# 1970 GTO won't start after mild tuneup.



## bwayney (Apr 27, 2019)

Greetings, 

This is my first time posting. I have an original 1970 GTO with the 400 engine. The engine was running fine until I changed some parts out.

I replaced the thermostat, and the gasket. I replaced the fuel filter, and I replaced the spark plugs. I did not touch the distributor/cap, or anything else. 

The engine will turn over, but not start. The fuel filter will fill with gas clearly, so it's getting fuel. I even tried dumping some gasoline in the carb, but that did nothing. I double checked that the spark plug wires were connected, and they seem to be fine, though maybe the terminal is too far in the boot after I took them off??

I'm at a loss, and I only have basic tools (nothing to test electrical or power). I'm thinking at this point of just replacing all of the spark plug wires because they are fairly old. 
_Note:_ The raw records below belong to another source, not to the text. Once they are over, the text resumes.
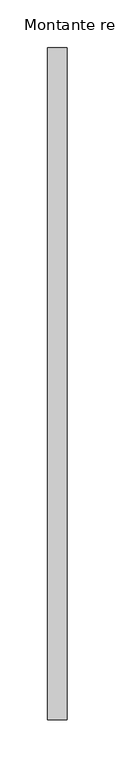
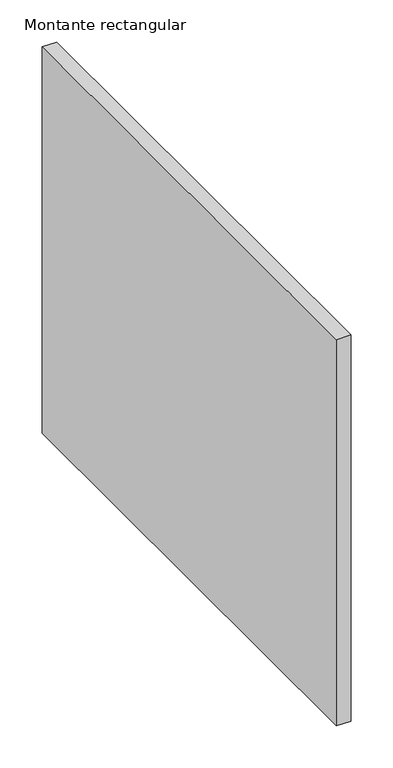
"""IFC4 building model written with IfcOpenShell, lengths in millimetres: member geometry, Montante rectangular : CIRCLES 2."""

from ifc_helpers import new_model, si_unit, frame, origin, place, context, project, spatial, polyline, outline, extrude, source, transform, mapped, element, save


def montante_rectangular_3e73b5a5(model_context):
    return source(origin(), model_context, "Body", "SweptSolid", [
        extrude(outline(polyline([(10.0, 350.0), (10.0, -350.0), (-10.0, -350.0), (-10.0, 350.0), (10.0, 350.0)])), frame((0.0, 0.0, -560.0), z_axis=(0.0, 0.0, 1.0), x_axis=(1.0, 0.0, 0.0)), (0.0, 0.0, 1.0), 560.0),
    ])


if __name__ == "__main__":
    model = new_model("IFC4")
    model_context = context("Model", 3, world=origin())
    ifc_project = project(units=[si_unit("LENGTHUNIT", "METRE", prefix="MILLI")], contexts=[model_context])
    site = spatial("IfcSite", under=ifc_project)
    building = spatial("IfcBuilding", under=site)
    placement = place(None, origin())
    montante_rectangular_shape = montante_rectangular_3e73b5a5(model_context)
    element("IfcMember", 1, ObjectType="Montante rectangular : CIRCLES 2", at=placement, inside=building, context=model_context, shape_type="MappedRepresentation", body=[
        mapped(montante_rectangular_shape, transform((0.0, 0.0, 0.0), x_axis=(1.0, 0.0, 0.0), y_axis=(0.0, 1.0, 0.0), z_axis=(0.0, 0.0, 1.0))),
    ])
    save(model, "model.ifc")

Any guidance would be appreciated.


----------



## geeteeohguy (Feb 2, 2008)

I suspect you messed up the firing order when you did the plug install. Verify that first. Also, you can pull the coil wire from the coil tower and hold it in place about 1/2 inch from the tower and have someone crank the engine to verify that you ARE getting a spark.


----------



## RMTZ67 (Mar 12, 2011)

bwayney said:


> Greetings,
> 
> This is my first time posting. I have an original 1970 GTO with the 400 engine. The engine was running fine until I changed some parts out.
> 
> ...


 These cars pretty much only need fuel and spark to start. so since you dumped fuel down the carb with no effect, check for spark at the plug end. remove a spark plug wire and connect a screwdriver into the plug boot end. Then hold it close (1/4")to metal on the on the engine,then have someone crank the engine and look for the spark jumping from the screwdriver to the metal. Be sure not to touch the metal on the screwdriver. If you have no spark look at the plug wire connections on your distributor or check your coil by using the same method.


----------



## bwayney (Apr 27, 2019)

I made sure I did one sparkplug at a time, so I know the order is not messed up. 

Unfortunately, I live alone and don't know when I would be able to have someone come by and help start the engine while I check for spark.

I have a feeling it has to do with the spark plug wires at the plug ends. Some of them did not come off easily and I really had to tug on them, which may have affected the terminals. 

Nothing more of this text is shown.